───── Task input ─────

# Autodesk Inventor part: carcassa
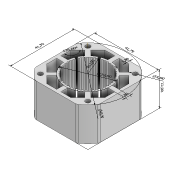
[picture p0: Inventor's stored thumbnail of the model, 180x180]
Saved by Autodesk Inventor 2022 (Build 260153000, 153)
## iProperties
Created: 2021-04
Part Number: carcassa
Material: Generico
Document SubType Name: Modeling
Designer: admin
Density: 1 g/cm^3
Appearance: Default
Author: admin
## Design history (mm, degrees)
node "Annotazioni"
  node "Quota lineare 1" dims "d4" = 41.7899 (derived)
  node "Quota lineare 2" dims "d7" = 41.7899 (derived)
  node "Quota diametro 1" dims "d9" = 29 (derived)
  node "Quota radiale 1" dims "d11" = 13 (derived)
  node "Quota diametro 2" dims "d13" = 3 (derived)
  node "Quota lineare 3" dims "d16" = 1.89495 (derived)
  node "Quota lineare 4" dims "d19" = 2.8 (derived)
  node "Quota angolare 1" dims "d22" = 135 deg (derived)
  node "Quota diametro 3" dims "d24" = 49.7899 (derived)
  node "Quota lineare 5" dims "d26" = 22 (derived)
sketch "Schizzo1"
  geometry: L1 (-20.895, -12.649)-(-20.895, 12.649); L2 (-14.432, 1.4)-(-19, 1.4); L3 (-13.677, 4.815)-(-12.262, 4.317); L4 (-19, 7.87)-(-19, 1.4); L5 (20.895, 12.649)-(20.895, -12.649); L6 (14.432, -1.4)-(19, -1.4); L7 (13.677, -4.815)-(12.262, -4.317); L8 (19, -7.87)-(19, -1.4); L9 (-14.425, 12.445)-(-11.195, 9.215); L10 (-11.723, 5.618)-(-13.076, 6.266); L11 (-14.425, 12.445)-(-19, 7.87); L12 (1.4, 14.432)-(1.4, 19); L13 (7.87, 19)-(1.4, 19); L14 (4.815, 13.677)-(4.317, 12.262); L15 (5.618, 11.723)-(6.266, 13.076); L16 (12.445, 14.425)-(7.87, 19); L17 (-1.4, 19)-(-1.4, 14.432); L18 (-12.649, 20.895)-(12.649, 20.895); L19 (19, 1.4)-(14.432, 1.4); L20 (-4.815, -13.677)-(-4.317, -12.262); L21 (-5.618, -11.723)-(-6.266, -13.076); L22 (-12.445, -14.425)-(-9.215, -11.195); L23 (-1.4, -14.432)-(-1.4, -19); L24 (-7.87, -19)-(-1.4, -19); L25 (-12.445, -14.425)-(-7.87, -19); L26 (-19, -1.4)-(-19, -7.87); L27 (-19, -1.4)-(-14.432, -1.4); L28 (-12.262, -4.317)-(-13.677, -4.815); L29 (-9.215, 11.195)-(-12.445, 14.425); L30 (-6.266, 13.076)-(-5.618, 11.723); L31 (-7.87, 19)-(-12.445, 14.425); L32 (-1.4, 19)-(-7.87, 19); L33 (12.445, 14.425)-(9.215, 11.195); L34 (11.195, 9.215)-(14.425, 12.445); L35 (13.076, 6.266)-(11.723, 5.618); L36 (19, 7.87)-(14.425, 12.445); L37 (12.262, 4.317)-(13.677, 4.815); L38 (19, 1.4)-(19, 7.87); L39 (11.723, -5.618)-(13.076, -6.266); L40 (12.649, -20.895)-(-12.649, -20.895); L41 (14.425, -12.445)-(19, -7.87); L42 (14.425, -12.445)-(11.195, -9.215); L43 (6.266, -13.076)-(5.618, -11.723); L44 (4.317, -12.262)-(4.815, -13.677); L45 (1.4, -19)-(1.4, -14.432); L46 (1.4, -19)-(7.87, -19); L47 (7.87, -19)-(12.445, -14.425); L48 (9.215, -11.195)-(12.445, -14.425); L49 (-4.317, 12.262)-(-4.815, 13.677); L50 (-11.195, -9.215)-(-14.425, -12.445); L51 (-13.076, -6.266)-(-11.723, -5.618); L52 (-19, -7.87)-(-14.425, -12.445); C1 r 1.5 at (-15.5, 15.5); C2 r 1.5 at (15.5, 15.5); C3 r 1.5 at (15.5, -15.5); C4 r 1.5 at (-15.5, -15.5); A1 r 0.5 centre (-12.897, 1.629) between (-12.825, 2.124) and (-12.951, 1.132); A2 r 0.5 centre (-12.592, 3.233) between (-12.458, 3.715) and (-12.707, 2.746); A3 r 13 centre (0, 0) between (-12.262, 4.317) and (-12.458, 3.715); A4 r 14.5 centre (0, 0) between (-13.677, 4.815) and (-14.432, 1.4); A5 r 13 centre (0, 0) between (-12.707, 2.746) and (-12.825, 2.124); A6 r 13 centre (0, 0) between (12.951, -1.132) and (12.99, -0.5); A7 r 0.5 centre (12.897, -1.629) between (12.825, -2.124) and (12.951, -1.132); A8 r 13 centre (0, 0) between (12.707, -2.746) and (12.825, -2.124); A9 r 0.5 centre (12.592, -3.233) between (12.458, -3.715) and (12.707, -2.746); A10 r 14.5 centre (0, 0) between (13.677, -4.815) and (14.432, -1.4); A11 r 13 centre (0, 0) between (12.262, -4.317) and (12.458, -3.715); A12 r 0.5 centre (-10.272, 7.968) between (-9.958, 8.357) and (-10.571, 7.567); A13 r 13 centre (0, 0) between (-9.539, 8.832) and (-9.958, 8.357); A14 r 13 centre (0, 0) between (-10.571, 7.567) and (-10.927, 7.043); A15 r 13 centre (0, 0) between (-11.436, 6.182) and (-11.723, 5.618); A16 r 0.5 centre (-11.19, 6.618) between (-10.927, 7.043) and (-11.436, 6.182); A17 r 2.895 centre (-18, 12.649) between (-20.369, 14.314) and (-20.895, 12.649); A18 r 14.5 centre (0, 0) between (-11.195, 9.215) and (-13.076, 6.266); A19 r 0.5 centre (1.629, 12.897) between (2.124, 12.825) and (1.132, 12.951); A20 r 13 centre (0, 0) between (2.746, 12.707) and (2.124, 12.825); A21 r 0.5 centre (3.233, 12.592) between (3.715, 12.458) and (2.746, 12.707); A22 r 14.5 centre (0, 0) between (4.815, 13.677) and (1.4, 14.432); A23 r 13 centre (0, 0) between (4.317, 12.262) and (3.715, 12.458); A24 r 13 centre (0, 0) between (6.182, 11.436) and (5.618, 11.723); A25 r 0.5 centre (6.618, 11.19) between (7.043, 10.927) and (6.182, 11.436); A26 r 13 centre (0, 0) between (7.567, 10.571) and (7.043, 10.927); A27 r 0.5 centre (7.968, 10.272) between (8.357, 9.958) and (7.567, 10.571); A28 r 14.5 centre (0, 0) between (9.215, 11.195) and (6.266, 13.076); A29 r 13 centre (0, 0) between (1.132, 12.951) and (0.5, 12.99); A30 r 0.5 centre (0, -13) between (-0.5, -12.99) and (0.5, -12.99); A31 r 13 centre (0, 0) between (-1.132, -12.951) and (-0.5, -12.99); A32 r 0.5 centre (-1.629, -12.897) between (-2.124, -12.825) and (-1.132, -12.951); A33 r 13 centre (0, 0) between (-2.746, -12.707) and (-2.124, -12.825); A34 r 0.5 centre (-3.233, -12.592) between (-3.715, -12.458) and (-2.746, -12.707); A35 r 13 centre (0, 0) between (-4.317, -12.262) and (-3.715, -12.458); A36 r 14.5 centre (0, 0) between (-4.815, -13.677) and (-1.4, -14.432); A37 r 14.5 centre (0, 0) between (-9.215, -11.195) and (-6.266, -13.076); A38 r 0.5 centre (-9.192, -9.192) between (-9.539, -8.832) and (-8.832, -9.539); A39 r 13 centre (0, 0) between (-8.832, -9.539) and (-8.357, -9.958); A40 r 0.5 centre (-7.968, -10.272) between (-8.357, -9.958) and (-7.567, -10.571); A41 r 13 centre (0, 0) between (-7.567, -10.571) and (-7.043, -10.927); A42 r 0.5 centre (-6.618, -11.19) between (-7.043, -10.927) and (-6.182, -11.436); A43 r 13 centre (0, 0) between (-6.182, -11.436) and (-5.618, -11.723); A44 r 0.5 centre (-13, 0) between (-12.99, 0.5) and (-12.99, -0.5); A45 r 13 centre (0, 0) between (-12.99, -0.5) and (-12.951, -1.132); A46 r 0.5 centre (-12.897, -1.629) between (-12.951, -1.132) and (-12.825, -2.124); A47 r 13 centre (0, 0) between (-12.825, -2.124) and (-12.707, -2.746); A48 r 0.5 centre (-12.592, -3.233) between (-12.707, -2.746) and (-12.458, -3.715); A49 r 13 centre (0, 0) between (-12.458, -3.715) and (-12.262, -4.317); A50 r 14.5 centre (0, 0) between (-14.432, -1.4) and (-13.677, -4.815); A51 r 13 centre (0, 0) between (-12.951, 1.132) and (-12.99, 0.5); A52 r 2.895 centre (-12.649, 18) between (-12.649, 20.895) and (-14.314, 20.369); A53 r 24.895 centre (0, 0) between (-14.314, 20.369) and (-20.369, 14.314); A54 r 13 centre (0, 0) between (-8.357, 9.958) and (-8.832, 9.539); A55 r 0.5 centre (-7.968, 10.272) between (-7.567, 10.571) and (-8.357, 9.958); A56 r 13 centre (0, 0) between (-7.043, 10.927) and (-7.567, 10.571); A57 r 0.5 centre (-6.618, 11.19) between (-6.182, 11.436) and (-7.043, 10.927); A58 r 13 centre (0, 0) between (-5.618, 11.723) and (-6.182, 11.436); A59 r 14.5 centre (0, 0) between (-6.266, 13.076) and (-9.215, 11.195); A60 r 0.5 centre (-9.192, 9.192) between (-8.832, 9.539) and (-9.539, 8.832); A61 r 13 centre (0, 0) between (8.832, 9.539) and (8.357, 9.958); A62 r 2.895 centre (12.649, 18) between (14.314, 20.369) and (12.649, 20.895); A63 r 24.895 centre (0, 0) between (20.369, 14.314) and (14.314, 20.369); A64 r 2.895 centre (18, 12.649) between (20.895, 12.649) and (20.369, 14.314)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; 2 further points
  constraints: 232 point on circle, 120 centre point, 104 end point
extrude "Estrusione1" new body sketch "Schizzo1" distance "d0" = 22; taper "d1" = 0 deg
node "Asse di lavoro1"
node "Solido1"
other parameters: "d10" = 51.03729 (derived), "d12" = 37.85607 (derived), "d14" = 4.55417 (derived), "d15" = 3.28187 (derived), "d17" = 6.40878 (derived), "d18" = 3.59122 (derived), "d2" = 7.50196 (derived), "d20" = 7.89909 (derived), "d21" = 4.0191 (derived), "d23" = 24.86745 (derived), "d25" = 4.38843 (derived), "d3" = 2.12909 (derived), "d5" = 2.26744 (derived), "d6" = 6.90241 (derived), "d8" = 35.30076 (derived)
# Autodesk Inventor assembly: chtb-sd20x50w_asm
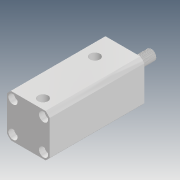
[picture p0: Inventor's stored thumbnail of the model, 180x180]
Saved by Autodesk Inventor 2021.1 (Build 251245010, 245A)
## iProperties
Company: Microsoft
Created: 2018-05
Part Number: chtb-sd20x50w_asm
Description: STEP AP214
Document SubType Name: Assembly
Designer: user
Title: chtb-sd20x50w_asm.STEP
Author: Windows
Revision Number: ÈÎºÎ
Sending System: SolidWorks 2015
Preprocessor: SwSTEP 2.0
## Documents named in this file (4)
- D:\Vault_2016\Projekty\Clamptek\Hydraulic\CHTB\CHTB-20\Inventor\CHTB-SD20x50W\chtb-sd20x50w_asm.iam
- D:\Vault_2016\Projekty\Clamptek\Hydraulic\CHTB\CHTB-20\Inventor\CHTB-SD20x50W\CHTB-SD20X50NBT.ipt
- D:\Vault_2016\Projekty\Clamptek\Hydraulic\CHTB\CHTB-20\Inventor\CHTB-SD20x50W\CHTB-SD20X50WHSG.ipt
- D:\Vault_2016\Projekty\Clamptek\Hydraulic\CHTB\CHTB-20\Inventor\CHTB-SD20x50W\QG.ipt
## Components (3 placed, 3 different names)
1. CHTB-SD20X50NBT_1
2. CHTB-SD20X50WHSG_2
3. QG_3
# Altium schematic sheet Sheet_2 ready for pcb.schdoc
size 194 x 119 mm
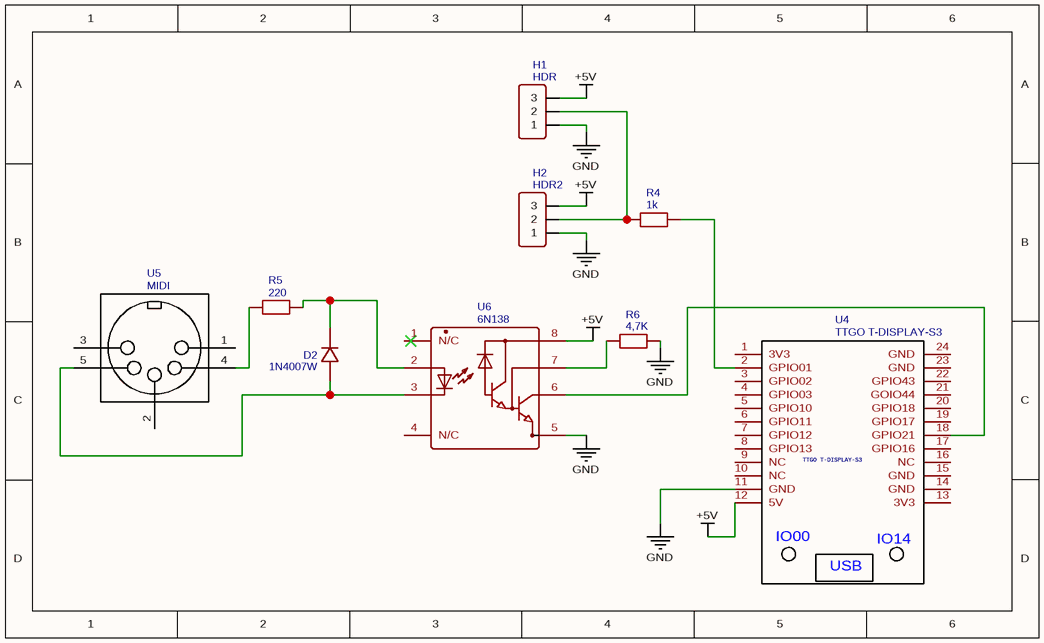
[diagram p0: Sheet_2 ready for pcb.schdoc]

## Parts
D2  1N4007W  [SOD-123_L2.8-W1.8-LS3.7-RD]
H1  HDR  [HDR-F-2.54_1X3]
H2  HDR2  [HDR-F-2.54_1X3]
R4  1k  [R1206-1]
R5  220  [R1206-1]
R6  4,7K  [R1206-1]
U4  TTGO T-DISPLAY-S3  [LILYGO T-DISPLAY-S3-V3]
U5  MIDI  [MIDI]
U6  6N138  [DIP-8_L9.8-W6.6-P2.54-LS7.6-BL]

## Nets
+5V: H1.3 H2.3 U4.12(5V) U6.8(VCC)
GND: H1.1 H2.1 R6.2 U4.11(GND) U6.5(GND)
NetD2_1: D2.1 R5.2 U6.2(A)
NetD2_2: D2.2 U5.5 U6.3(C)
NetH1_2: H1.2 H2.2 R4.1
NetR4_2: R4.2 U4.2(GPIO01)
NetR5_1: R5.1 U5.4
NetR6_1: R6.1 U6.7(VB)
NetU4_18: U4.18(GPIO21) U6.6(VOUT)

Not connected (* = marked no-connect by the designer): U4 1(3V3) 3(GPIO02) 4(GPIO03) 5(GPIO10) 6(GPIO11) 7(GPIO12) 8(GPIO13) 9(NC) 10(NC) 13(3V3) 14(GND) 15(GND) 16(NC) 17(GPIO16) 19(GPIO17) 20(GPIO18) 21(GOIO44) 22(GPIO43) 23(GND) 24(GND); U5 1 2 3; U6 1(N/C) 4(N/C)

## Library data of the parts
D2 = 1N4007W: Manufacturer: BLUE ROCKET; Contributor: LCEDA_Lib
H1 = HDR: Contributor: LCEDA_Lib
H2 = HDR2: Contributor: LCEDA_Lib
R4 = 1k: nameAlias: Value(Ω); Contributor: LCEDA_Lib
R5 = 220: nameAlias: Value(Ω); Contributor: LCEDA_Lib
R6 = 4,7K: nameAlias: Value(Ω); Contributor: LCEDA_Lib
U4 = TTGO T-DISPLAY-S3: Manufacturer: lilygo; Contributor: hrituraj
U5 = MIDI: Contributor: snleal
U6 = 6N138: Manufacturer: ISOCOM(英国安数光); Contributor: LCSC

─────

About this exercise
Answer only with how many lines in the records include "Saved".

Solved problem
2